How can we find a reliable measure for our computing efforts ?
what about this table:
Game nr Black points White points Black prisoners White prisoners
1 ??? ??? ??? ???
2 ??? ??? ??? ???
3 ??? ??? ??? ???
This can be used to find out which colour advantage black has, and hence
the komi necessary
In this table I expect 5.5 komi for 50 % winning chance. and a 19 x 19
board.
Other board sizes I expect gives other komi values.
In chess we have numbers like
White wins 39.9%
Black draws 28.9%
Black wins 31.0%
99.80% According to my information
In 9 x 9 Go I believe we could get something like :
Black wins 70.00%
White wins 25.00%
Tie 5.00%
100.00%
without komi offset.
And this I'd like to investigate. When we know the numbers for 9 x 9,
then we
can investigate if this is true for 19 x 19.
Now we could add 1 Handicap stone
I suggest:
Black wins 75.00%
White wins 22.00%
Tie 3.00%
100.00%
The increased probability is the value of 1 Kyu play strength
3 handicap stones
???
4 handicap stones
???
We know to beat 9 x 9 gnugo with 4 handicap stones, you must be 4
dan.
I expect the difference of one increased Handicap stone to be linear.
I'd like to do this, if it is helpful for you. gnugo versus gnugo, and
gnugo versus Morten Gulbrandsen. I only play as 13 kyu, so it could be
an even match.
When I know how much komi offset for each board size, and each given
number of
handicap stones is necessary for 50 % equal play, then I'm
satisfied.
Or we could add some offset as komi. Then gnugo knows how many points it
needs to just win
In go we could vary much more than in chess, board size, initial komi
offset, handicap stones. times.
And gnugo could tell us something about the interrelationships between
these parameters.
In chess we have some ELO figures to tell us how strong a player
is.
In Go we have the kyu, shodan, dan, professional dan figures.
usually 2100 ELO = 1 dan.
I hope tuning and improving algorithms can tell us more about go.
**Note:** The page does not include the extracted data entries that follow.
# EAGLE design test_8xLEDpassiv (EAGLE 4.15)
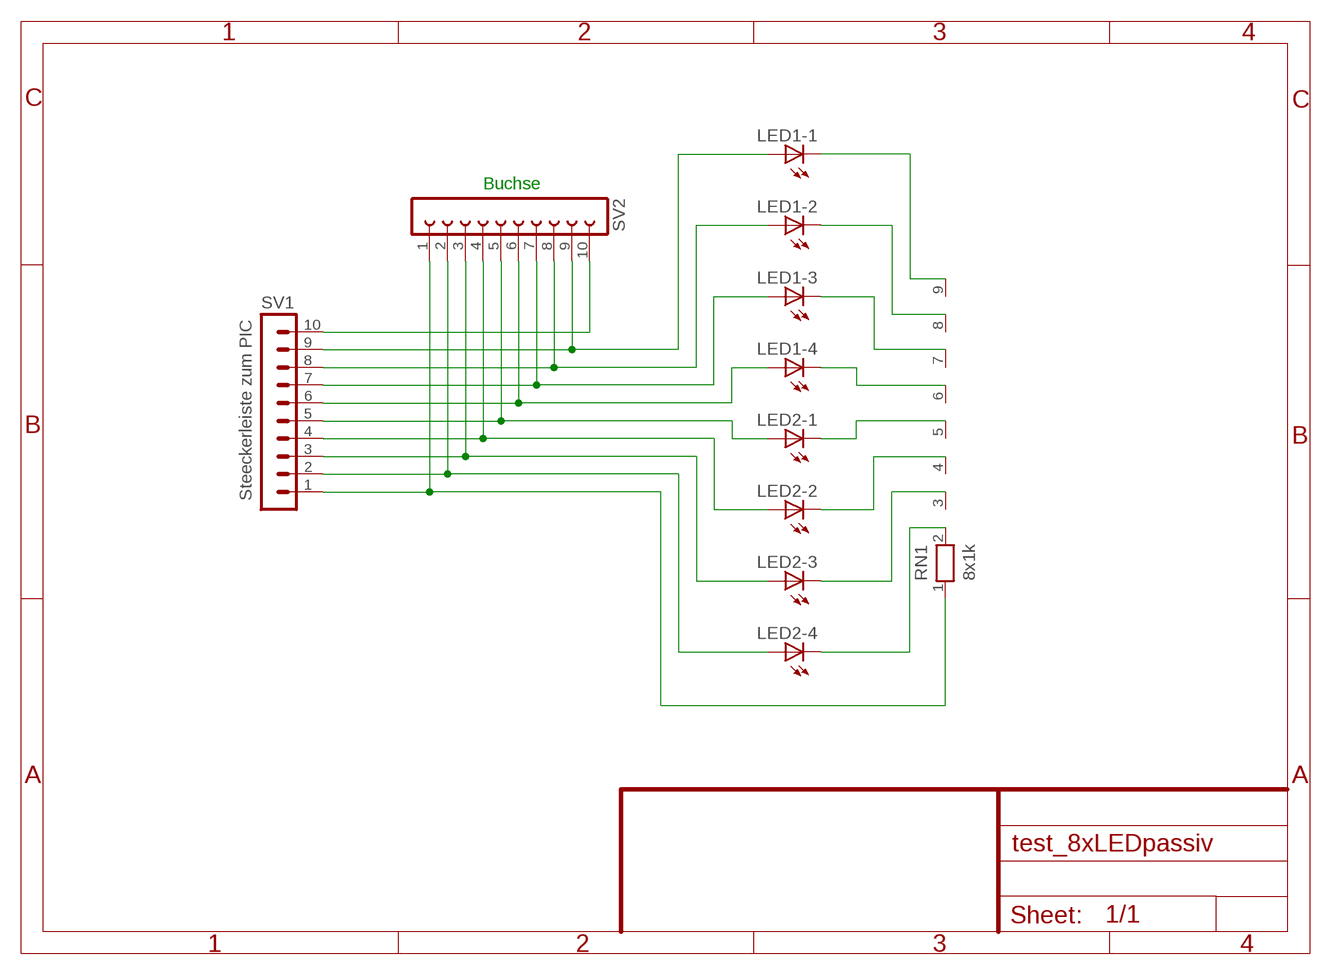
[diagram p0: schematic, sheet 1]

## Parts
LED1  LZR184  [LZR184]
LED2  LZR184  [LZR184]
RN1  8x1k  RN08  [RN-9]
SV1  Steeckerleiste zum PIC  MA10-1W  [MA10-1W]
SV2  FE10-1  [FE10]

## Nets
GND: RN1.1 SV1.1 SV2.1
N$1: LED1.A1(-1:A) SV1.9 SV2.9
N$2: LED1.A2(-2:A) SV1.8 SV2.8
N$3: LED1.A3(-3:A) SV1.7 SV2.7
N$5: LED2.A1(-1:A) SV1.5 SV2.5
N$6: LED2.A2(-2:A) SV1.4 SV2.4
N$7: LED2.A3(-3:A) SV1.3 SV2.3
N$8: LED2.A4(-4:A) SV1.2 SV2.2
N$12: LED1.A4(-4:A) SV1.6 SV2.6
N$19: LED2.K3(-3:C) RN1.3
N$20: LED2.K2(-2:C) RN1.4
N$21: LED2.K1(-1:C) RN1.5
N$22: LED1.K4(-4:C) RN1.6
N$23: LED1.K3(-3:C) RN1.7
N$24: LED1.K2(-2:C) RN1.8
N$25: LED1.K1(-1:C) RN1.9
N$27: LED2.K4(-4:C) RN1.2
VCC: SV1.10 SV2.10

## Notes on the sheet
- Buchse

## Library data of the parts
LED1 LED2 = led:LZR184: LED BLOCK 4 LEDs, Siemens
RN1 = resistor-net:RN08: RESISTOR NETWORK
SV1 = con-lstb:MA10-1W: PIN HEADER
SV2 = con-lsta:FE10-1: FEMALE HEADER

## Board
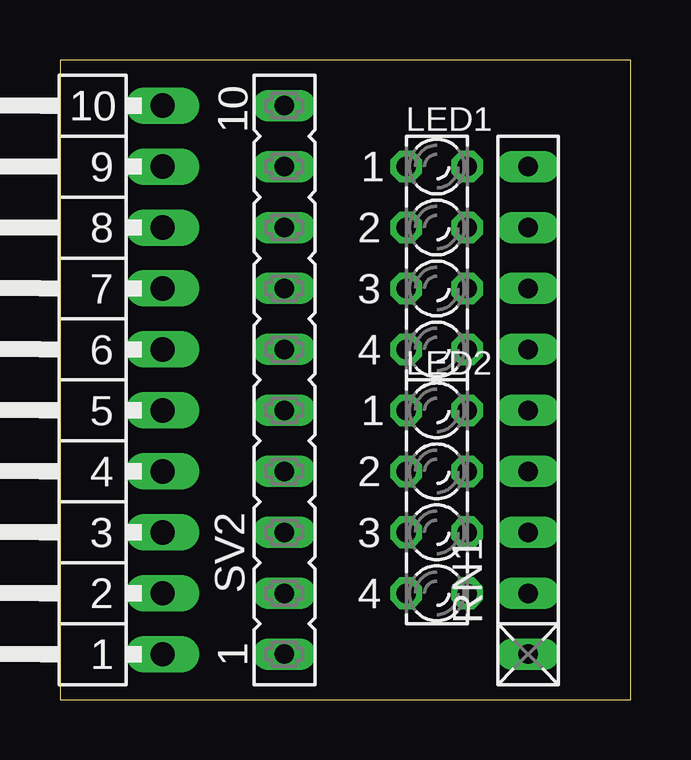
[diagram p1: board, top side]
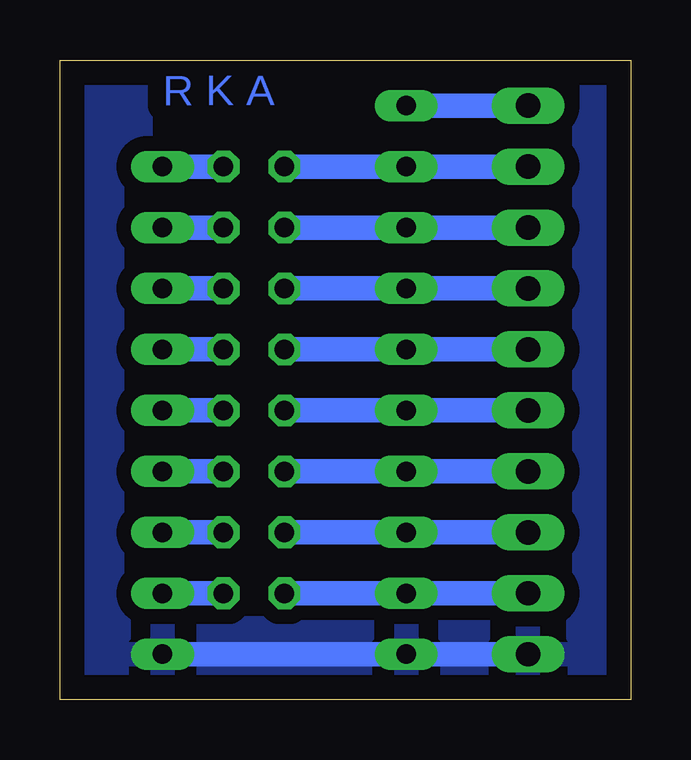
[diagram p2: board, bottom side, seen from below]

Size 23.8 x 26.66 mm. Coordinates in mm from the lower left corner, seen from the top.
Outline: 0,0 23.8,0 23.8,26.66 0,26.66 0,0
Copper layers (1*16): Top 0.035mm / dielectric 1.5mm / Bottom 0.035mm
Design rules "default": minimum track width 10mil, minimum drill 24mil, track to track 8mil, track to pad 8mil, pad to pad 8mil, via to via 8mil, smd to smd 8mil, copper to edge 40mil, drill to drill 8mil, minimum pad ring 10mil, minimum via ring 8mil, stop-mask expansion 4mil, vias tented up to drill 0mil, thermal gap 10mil

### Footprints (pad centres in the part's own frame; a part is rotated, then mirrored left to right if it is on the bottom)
LZR184 = drill 0.813 octagon: A1 -1.27,3.81; A2 -1.27,1.27; A3 -1.27,-1.27; A4 -1.27,-3.81; K1 1.27,3.81; K2 1.27,1.27; K3 1.27,-1.27; K4 1.27,-3.81
RN-9 = drill 0.813 long: 1 -10.16,0; 2 -7.62,0; 3 -5.08,0; 4 -2.54,0; 5 0,0; 6 2.54,0; 7 5.08,0; 8 7.62,0; 9 10.16,0
MA10-1W = drill 1.016 long: 1 -11.43,0; 2 -8.89,0; 3 -6.35,0; 4 -3.81,0; 5 -1.27,0; 6 1.27,0; 7 3.81,0; 8 6.35,0; 9 8.89,0; 10 11.43,0
FE10 = drill 0.813 long: 1 -11.43,0; 2 -8.89,0; 3 -6.35,0; 4 -3.81,0; 5 -1.27,0; 6 1.27,0; 7 3.81,0; 8 6.35,0; 9 8.89,0; 10 11.43,0

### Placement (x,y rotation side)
LED1  15.71,18.41 0 top
LED2  15.71,8.25 0 top
RN1  19.52,12.06 90 top
SV1  4.28,13.33 90 top
SV2  9.36,13.33 90 top

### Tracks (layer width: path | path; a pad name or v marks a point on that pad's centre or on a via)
GND
  Bottom 1.016: SV1.1 SV2.1 RN1.1
  pour Bottom (isolate 0.61): 0.47,27.3 24.6,27.3 24.6,-0.64 0.47,-0.64
N$1
  Bottom 1.016: SV1.9 SV2.9 LED1.A1
N$2
  Bottom 1.016: LED1.A2 SV2.8 SV1.8
N$3
  Bottom 1.016: SV1.7 SV2.7 LED1.A3
N$5
  Bottom 1.016: SV1.5 SV2.5 LED2.A1
N$6
  Bottom 1.016: LED2.A2 SV2.4 SV1.4
N$7
  Bottom 1.016: SV1.3 SV2.3 LED2.A3
N$8
  Bottom 1.016: LED2.A4 SV2.2 SV1.2
N$12
  Bottom 1.016: LED1.A4 SV2.6 SV1.6
N$19
  Bottom 1.016: LED2.K3 RN1.3
N$20
  Bottom 1.016: LED2.K2 RN1.4
N$21
  Bottom 1.016: LED2.K1 RN1.5
N$22
  Bottom 1.016: LED1.K4 RN1.6
N$23
  Bottom 1.016: LED1.K3 RN1.7
N$24
  Bottom 1.016: LED1.K2 RN1.8
N$25
  Bottom 1.016: LED1.K1 RN1.9
N$27
  Bottom 1.016: LED2.K4 RN1.2
VCC
  Bottom 1.016: SV1.10 SV2.10

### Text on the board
Bottom: R K A

Tie is very seldom, achieving a seki is difficult, but interesting.
Could gnugo be tuned to achieve larger sekis than common in human plays
?
I also find it very difficult to understand, why gnugo does not increase
its strength
with computing speed? If gnugo plays against itself with different time
limits,
then how many minutes will it need to play 1 kyu stronger ?
In chess we sometimes scale the difference of play strength with
different time limits. the less experienced player gets more time.
I don't know what kind of statistics is helpful for the programmers,
but I do hope we can use some statistics to find out how much the
different gnugo versions have increased in kyu strength. Normally
on a 19 x 19 board, the difference in kyu is 1 if the opponent needs
2 handicap stones, for a 50 % winning chance.
Am I right ?
what is a kadoban game ?
I've bin reading the gnugo task list and find that
what I could do is
4. Extend and tune the Joseki database.
I have some classical joseki book dictionaries, so if someone out there
works on the Joseki database and if I can do this without being a dan
player,
please tell me how to help.
Yours Sincerely
Morten Gulbrandsen
Trevor Morris wrote:
>
> These mean values of the score differences aren't really meaningful.
> GNU Go plays more conservatively when ahead. That is, GNU Go is
> not tuned to maximize the point differential, rather to maximize the
> chances of winning.
>
> The questions you ask make a lot of sense. I don't have any hard
> numbers, but can share the following observations:
>
> I've noticed some asymmetry when the same version of GNU Go plays
> itself even. I've don't recall the details, however.
>
> I did, back around 3.1.20 or so, play a series of 1-game kadoban games
> btw. GNU Go and itself. It only rarely won 2-stone games, and never
> pushed itself to four stones (i.e. didn't beat itself at 3-stones). The
> number
> of games was pretty small, though.
>
> -Trevor
>
> >...
> >
> > 477 490 Sum of points
> > 18.35 20.42 Arithmetic Mean value
> > 18 17.5 Median (gives white the advantage)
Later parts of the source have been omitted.